What "facts" did I change? Oh. Your continous references to law school do not impress, but grow repetitive and are a bit of a bore at this stage.

As for you being male and having no "dog in this fight" that is a total cop out. So only those immediately effected by any issue may have an "opinion" or the right to have one on that very issue? What about the approximately 50% of male foetuses? Your unborn male brethren?

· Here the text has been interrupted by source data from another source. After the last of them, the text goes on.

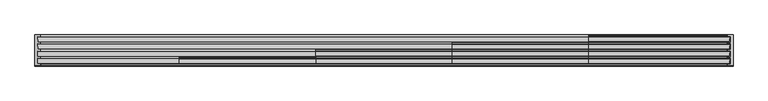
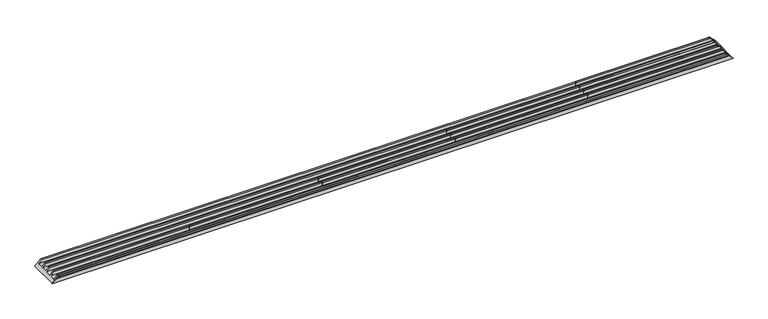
"""IFC4 building model written with IfcOpenShell, lengths in millimetres: proxy geometry, Weiku - Montante - Caixilho quíntuplo 02.2.01.003-003 refilado : Weiku - Montante - Caixilho quíntuplo 02.2.01.003-003 refilado."""

from ifc_helpers import new_model, si_unit, point, frame, frame_2d, origin, place, context, project, spatial, polyline, circle_curve, ellipse_curve, trimmed, segment, composite_curve, outline, extrude, faceted_brep, source, transform, mapped, element, save
from ifc_brep_helpers import plane_surface, cylinder_surface, revolved_surface, advanced_brep


def generic_models_486d1e09(model_context):
    return source(origin(), model_context, "Body", "SolidModel", [
        advanced_brep(
        [(1756.2, -15.0, 52.0), (1756.2, -15.0, 26.0), (1756.2, -62.0, 23.7770256), (1756.2, -62.0, 52.0), (1756.2, -77.0, 52.0), (1756.2, -77.0, 26.0), (1756.2, -124.0, 23.7770256), (1756.2, -124.0, 52.0), (1756.2, -139.0, 52.0), (1756.2, -139.0, 26.0), (1756.2, -186.0, 23.7770256), (1756.2, -186.0, 52.0), (1756.2, -201.0, 52.0), (1756.2, -201.0, 26.0), (1756.2, -248.0, 23.7770256), (1756.2, -248.0, 52.0), (1756.2, -246.0, 52.0), (1756.2, -246.0, 26.8749739), (1756.2, -203.0, 28.908759), (1756.2, -203.0, 55.0), (1756.2, -202.0, 56.0), (1756.2, -185.0, 56.0), (1756.2, -184.0, 55.0), (1756.2, -184.0, 26.8749739), (1756.2, -141.0, 28.908759), (1756.2, -141.0, 55.0), (1756.2, -140.0, 56.0), (1756.2, -123.0, 56.0), (1756.2, -122.0, 55.0), (1756.2, -122.0, 26.8749739), (1756.2, -79.0, 28.908759), (1756.2, -79.0, 55.0), (1756.2, -78.0, 56.0), (1756.2, -61.0, 56.0), (1756.2, -60.0, 55.0), (1756.2, -60.0, 26.8749739), (1756.2, -17.0, 28.908759), (1756.2, -17.0, 55.0), (1756.2, -16.0, 56.0), (1756.2, -1.0, 56.0), (1756.2, 0.0, 55.0), (1756.2, 0.0, 52.0), (2945.0, 0.0, 52.0), (2945.0, -15.0, 52.0), (2942.0, 0.0, 55.0), (2941.0, -1.0, 56.0), (2941.0, -16.0, 56.0), (2942.0, -17.0, 55.0), (2968.091241, -17.0, 28.908759), (2942.0, -122.0, 55.0), (2970.1250261, -122.0, 26.8749739), (2973.2229744, -124.0, 23.7770256), (2945.0, -124.0, 52.0), (2971.0, -15.0, 26.0), (2941.0, -123.0, 56.0), (2942.0, -203.0, 55.0), (2941.0, -202.0, 56.0), (2968.091241, -203.0, 28.908759), (2970.1250261, -246.0, 26.8749739), (2945.0, -246.0, 52.0), (2945.0, -248.0, 52.0), (2973.2229744, -248.0, 23.7770256), (2971.0, -201.0, 26.0), (2945.0, -201.0, 52.0), (2941.0, -140.0, 56.0), (2942.0, -141.0, 55.0), (2968.091241, -141.0, 28.908759), (2970.1250261, -184.0, 26.8749739), (2942.0, -184.0, 55.0), (2941.0, -185.0, 56.0), (2945.0, -186.0, 52.0), (2973.2229744, -186.0, 23.7770256), (2971.0, -139.0, 26.0), (2945.0, -139.0, 52.0), (2970.1250261, -60.0, 26.8749739), (2942.0, -60.0, 55.0), (2941.0, -61.0, 56.0), (2941.0, -78.0, 56.0), (2942.0, -79.0, 55.0), (2968.091241, -79.0, 28.908759), (2971.0, -77.0, 26.0), (2945.0, -77.0, 52.0), (2945.0, -62.0, 52.0), (2973.2229744, -62.0, 23.7770256)],
        [
            (0, 1),
            (1, 2),
            (2, 3),
            (3, 4),
            (4, 5),
            (5, 6),
            (6, 7),
            (7, 8),
            (8, 9),
            (9, 10),
            (10, 11),
            (11, 12),
            (12, 13),
            (13, 14),
            (14, 15),
            (15, 16),
            (16, 17),
            (17, 18),
            (18, 19),
            (19, 20, circle_curve(frame((1756.2, -202.0, 55.0), z_axis=(-1.0, 0.0, 0.0), x_axis=(0.0, -1.0, 0.0)), 1.0)),
            (20, 21),
            (21, 22, circle_curve(frame((1756.2, -185.0, 55.0), z_axis=(-1.0, 0.0, 0.0), x_axis=(0.0, -1.0, 0.0)), 1.0)),
            (22, 23),
            (23, 24),
            (24, 25),
            (25, 26, circle_curve(frame((1756.2, -140.0, 55.0), z_axis=(-1.0, 0.0, 0.0), x_axis=(0.0, -1.0, 0.0)), 1.0)),
            (26, 27),
            (27, 28, circle_curve(frame((1756.2, -123.0, 55.0), z_axis=(-1.0, 0.0, 0.0), x_axis=(0.0, -1.0, 0.0)), 1.0)),
            (28, 29),
            (29, 30),
            (30, 31),
            (31, 32, circle_curve(frame((1756.2, -78.0, 55.0), z_axis=(-1.0, 0.0, 0.0), x_axis=(0.0, -1.0, 0.0)), 1.0)),
            (32, 33),
            (33, 34, circle_curve(frame((1756.2, -61.0, 55.0), z_axis=(-1.0, 0.0, 0.0), x_axis=(0.0, -1.0, 0.0)), 1.0)),
            (34, 35),
            (35, 36),
            (36, 37),
            (37, 38, circle_curve(frame((1756.2, -16.0, 55.0), z_axis=(-1.0, 0.0, 0.0), x_axis=(0.0, -1.0, 0.0)), 1.0)),
            (38, 39),
            (39, 40, circle_curve(frame((1756.2, -1.0, 55.0), z_axis=(-1.0, 0.0, 0.0), x_axis=(0.0, -1.0, 0.0)), 1.0)),
            (40, 41),
            (41, 0),
            (41, 42),
            (42, 43),
            (43, 0),
            (40, 44),
            (44, 42),
            (39, 45),
            (45, 44, ellipse_curve(frame((2942.0, -1.0, 55.0), z_axis=(-0.7071067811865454, 0.0, -0.7071067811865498), x_axis=(-0.7071067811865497, 0.0, 0.7071067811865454)), 1.4142136, 1.0)),
            (38, 46),
            (46, 45),
            (37, 47),
            (47, 46, ellipse_curve(frame((2942.0, -16.0, 55.0), z_axis=(-0.7071067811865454, 0.0, -0.7071067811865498), x_axis=(-0.7071067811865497, 0.0, 0.7071067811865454)), 1.4142136, 1.0)),
            (36, 48),
            (48, 47),
            (28, 49),
            (49, 50),
            (50, 29),
            (6, 51),
            (51, 52),
            (52, 7),
            (43, 53),
            (53, 1),
            (27, 54),
            (54, 49, ellipse_curve(frame((2942.0, -123.0, 55.0), z_axis=(-0.7071067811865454, 0.0, -0.7071067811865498), x_axis=(-0.7071067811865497, 0.0, 0.7071067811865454)), 1.4142136, 1.0)),
            (19, 55),
            (55, 56, ellipse_curve(frame((2942.0, -202.0, 55.0), z_axis=(-0.7071067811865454, 0.0, -0.7071067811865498), x_axis=(-0.7071067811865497, 0.0, 0.7071067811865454)), 1.4142136, 1.0)),
            (56, 20),
            (18, 57),
            (57, 55),
            (17, 58),
            (58, 57),
            (16, 59),
            (59, 58),
            (15, 60),
            (60, 59),
            (14, 61),
            (61, 60),
            (13, 62),
            (62, 61),
            (12, 63),
            (63, 62),
            (26, 64),
            (64, 54),
            (25, 65),
            (65, 64, ellipse_curve(frame((2942.0, -140.0, 55.0), z_axis=(-0.7071067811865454, 0.0, -0.7071067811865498), x_axis=(-0.7071067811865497, 0.0, 0.7071067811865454)), 1.4142136, 1.0)),
            (24, 66),
            (66, 65),
            (23, 67),
            (67, 66),
            (22, 68),
            (68, 67),
            (21, 69),
            (69, 68, ellipse_curve(frame((2942.0, -185.0, 55.0), z_axis=(-0.7071067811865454, 0.0, -0.7071067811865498), x_axis=(-0.7071067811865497, 0.0, 0.7071067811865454)), 1.4142136, 1.0)),
            (56, 69),
            (11, 70),
            (70, 63),
            (10, 71),
            (71, 70),
            (9, 72),
            (72, 71),
            (8, 73),
            (73, 72),
            (52, 73),
            (35, 74),
            (74, 48),
            (34, 75),
            (75, 74),
            (33, 76),
            (76, 75, ellipse_curve(frame((2942.0, -61.0, 55.0), z_axis=(-0.7071067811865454, 0.0, -0.7071067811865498), x_axis=(-0.7071067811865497, 0.0, 0.7071067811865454)), 1.4142136, 1.0)),
            (32, 77),
            (77, 76),
            (31, 78),
            (78, 77, ellipse_curve(frame((2942.0, -78.0, 55.0), z_axis=(-0.7071067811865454, 0.0, -0.7071067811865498), x_axis=(-0.7071067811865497, 0.0, 0.7071067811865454)), 1.4142136, 1.0)),
            (30, 79),
            (79, 78),
            (50, 79),
            (5, 80),
            (80, 51),
            (4, 81),
            (81, 80),
            (3, 82),
            (82, 81),
            (2, 83),
            (83, 82),
            (53, 83),
        ],
        [
            plane_surface(frame((1756.2, 0.0, 0.0), z_axis=(-1.0, 0.0, 0.0), x_axis=(0.0, 0.0, 1.0))),
            plane_surface(frame((1756.2, -15.0, 52.0), z_axis=(0.0, 0.0, -1.0), x_axis=(1.0, 0.0, 0.0))),
            plane_surface(frame((1756.2, 0.0, 52.0), z_axis=(0.0, 1.0, 0.0), x_axis=(1.0, 0.0, 0.0))),
            cylinder_surface(frame((1756.2, -1.0, 55.0), z_axis=(-1.0, 0.0, 0.0), x_axis=(0.0, -1.0, 0.0)), 1.0),
            plane_surface(frame((1756.2, -1.0, 56.0), z_axis=(0.0, 0.0, 1.0), x_axis=(1.0, 0.0, 0.0))),
            cylinder_surface(frame((1756.2, -16.0, 55.0), z_axis=(-1.0, 0.0, 0.0), x_axis=(0.0, -1.0, 0.0)), 1.0),
            plane_surface(frame((1756.2, -17.0, 55.0), z_axis=(0.0, -1.0, 0.0), x_axis=(1.0, 0.0, 0.0))),
            plane_surface(frame((1756.2, -122.0, 26.8749739), z_axis=(0.0, 1.0, 0.0), x_axis=(1.0, 0.0, 0.0))),
            plane_surface(frame((1756.2, -124.0, 52.0), z_axis=(0.0, -1.0, 0.0), x_axis=(1.0, 0.0, 0.0))),
            plane_surface(frame((1756.2, -15.0, 26.0), z_axis=(0.0, 1.0, 0.0), x_axis=(1.0, 0.0, 0.0))),
            cylinder_surface(frame((1756.2, -123.0, 55.0), z_axis=(-1.0, 0.0, 0.0), x_axis=(0.0, -1.0, 0.0)), 1.0),
            cylinder_surface(frame((1756.2, -202.0, 55.0), z_axis=(-1.0, 0.0, 0.0), x_axis=(0.0, -1.0, 0.0)), 1.0),
            plane_surface(frame((1756.2, -203.0, 55.0), z_axis=(0.0, -1.0, 0.0), x_axis=(1.0, 0.0, 0.0))),
            plane_surface(frame((1756.2, -203.0, 28.908759), z_axis=(0.0, -0.0472445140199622, 0.9988833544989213), x_axis=(1.0, 0.0, 0.0))),
            plane_surface(frame((1756.2, -246.0, 26.8749739), z_axis=(0.0, 1.0, 0.0), x_axis=(1.0, 0.0, 0.0))),
            plane_surface(frame((1756.2, -246.0, 52.0), z_axis=(0.0, 0.0, 1.0), x_axis=(1.0, 0.0, 0.0))),
            plane_surface(frame((1756.2, -248.0, 52.0), z_axis=(0.0, -1.0, 0.0), x_axis=(1.0, 0.0, 0.0))),
            plane_surface(frame((1756.2, -248.0, 23.7770256), z_axis=(0.0, 0.047244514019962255, -0.9988833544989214), x_axis=(1.0, 0.0, 0.0))),
            plane_surface(frame((1756.2, -201.0, 26.0), z_axis=(0.0, 1.0, 0.0), x_axis=(1.0, 0.0, 0.0))),
            plane_surface(frame((1756.2, -123.0, 56.0), z_axis=(0.0, 0.0, 1.0), x_axis=(1.0, 0.0, 0.0))),
            cylinder_surface(frame((1756.2, -140.0, 55.0), z_axis=(-1.0, 0.0, 0.0), x_axis=(0.0, -1.0, 0.0)), 1.0),
            plane_surface(frame((1756.2, -141.0, 55.0), z_axis=(0.0, -1.0, 0.0), x_axis=(1.0, 0.0, 0.0))),
            plane_surface(frame((1756.2, -141.0, 28.908759), z_axis=(0.0, -0.0472445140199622, 0.9988833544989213), x_axis=(1.0, 0.0, 0.0))),
            plane_surface(frame((1756.2, -184.0, 26.8749739), z_axis=(0.0, 1.0, 0.0), x_axis=(1.0, 0.0, 0.0))),
            cylinder_surface(frame((1756.2, -185.0, 55.0), z_axis=(-1.0, 0.0, 0.0), x_axis=(0.0, -1.0, 0.0)), 1.0),
            plane_surface(frame((1756.2, -185.0, 56.0), z_axis=(0.0, 0.0, 1.0), x_axis=(1.0, 0.0, 0.0))),
            plane_surface(frame((1756.2, -201.0, 52.0), z_axis=(0.0, 0.0, -1.0), x_axis=(1.0, 0.0, 0.0))),
            plane_surface(frame((1756.2, -186.0, 52.0), z_axis=(0.0, -1.0, 0.0), x_axis=(1.0, 0.0, 0.0))),
            plane_surface(frame((1756.2, -186.0, 23.7770256), z_axis=(0.0, 0.047244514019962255, -0.9988833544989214), x_axis=(1.0, 0.0, 0.0))),
            plane_surface(frame((1756.2, -139.0, 26.0), z_axis=(0.0, 1.0, 0.0), x_axis=(1.0, 0.0, 0.0))),
            plane_surface(frame((1756.2, -139.0, 52.0), z_axis=(0.0, 0.0, -1.0), x_axis=(1.0, 0.0, 0.0))),
            plane_surface(frame((1756.2, -17.0, 28.908759), z_axis=(0.0, -0.0472445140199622, 0.9988833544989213), x_axis=(1.0, 0.0, 0.0))),
            plane_surface(frame((1756.2, -60.0, 26.8749739), z_axis=(0.0, 1.0, 0.0), x_axis=(1.0, 0.0, 0.0))),
            cylinder_surface(frame((1756.2, -61.0, 55.0), z_axis=(-1.0, 0.0, 0.0), x_axis=(0.0, -1.0, 0.0)), 1.0),
            plane_surface(frame((1756.2, -61.0, 56.0), z_axis=(0.0, 0.0, 1.0), x_axis=(1.0, 0.0, 0.0))),
            cylinder_surface(frame((1756.2, -78.0, 55.0), z_axis=(-1.0, 0.0, 0.0), x_axis=(0.0, -1.0, 0.0)), 1.0),
            plane_surface(frame((1756.2, -79.0, 55.0), z_axis=(0.0, -1.0, 0.0), x_axis=(1.0, 0.0, 0.0))),
            plane_surface(frame((1756.2, -79.0, 28.908759), z_axis=(0.0, -0.0472445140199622, 0.9988833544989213), x_axis=(1.0, 0.0, 0.0))),
            plane_surface(frame((1756.2, -124.0, 23.7770256), z_axis=(0.0, 0.047244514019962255, -0.9988833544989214), x_axis=(1.0, 0.0, 0.0))),
            plane_surface(frame((1756.2, -77.0, 26.0), z_axis=(0.0, 1.0, 0.0), x_axis=(1.0, 0.0, 0.0))),
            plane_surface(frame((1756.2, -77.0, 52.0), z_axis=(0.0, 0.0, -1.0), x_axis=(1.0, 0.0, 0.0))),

I'm not interested in who opposes/supports abortion other than in this case, YOU and ME. I make NO false assumptions or generalizations about YOU based on what others who hold your view have stated in the past. It would have been nice if you had extended me the same courtesy.

Dissenter57
.. It is most convenient for you to tag your opponents as some kind of religious fanatics, even when this opponent did not at ANY stage bring that topic into the argument. Far as I can see, the ONLY one of us that did was YOU. So give over this cr*p about "religion overwhelming reason".

Good Samaritan
The common law contains a deeply rooted principle that people are not required to aid others in distress, particularly when aid can be provided only at significant cost or risk to the rescuer.
-----------------------------
This is true. No one can be required to be a Good Samaritan. The problem is that this logic doesn't apply to abortion. Remember, it is the mother and father who caused the unborn entity to need assistance. If you caused the person to need help then you are obligated to help that person. This goes back to the barbeque example i sited earlier.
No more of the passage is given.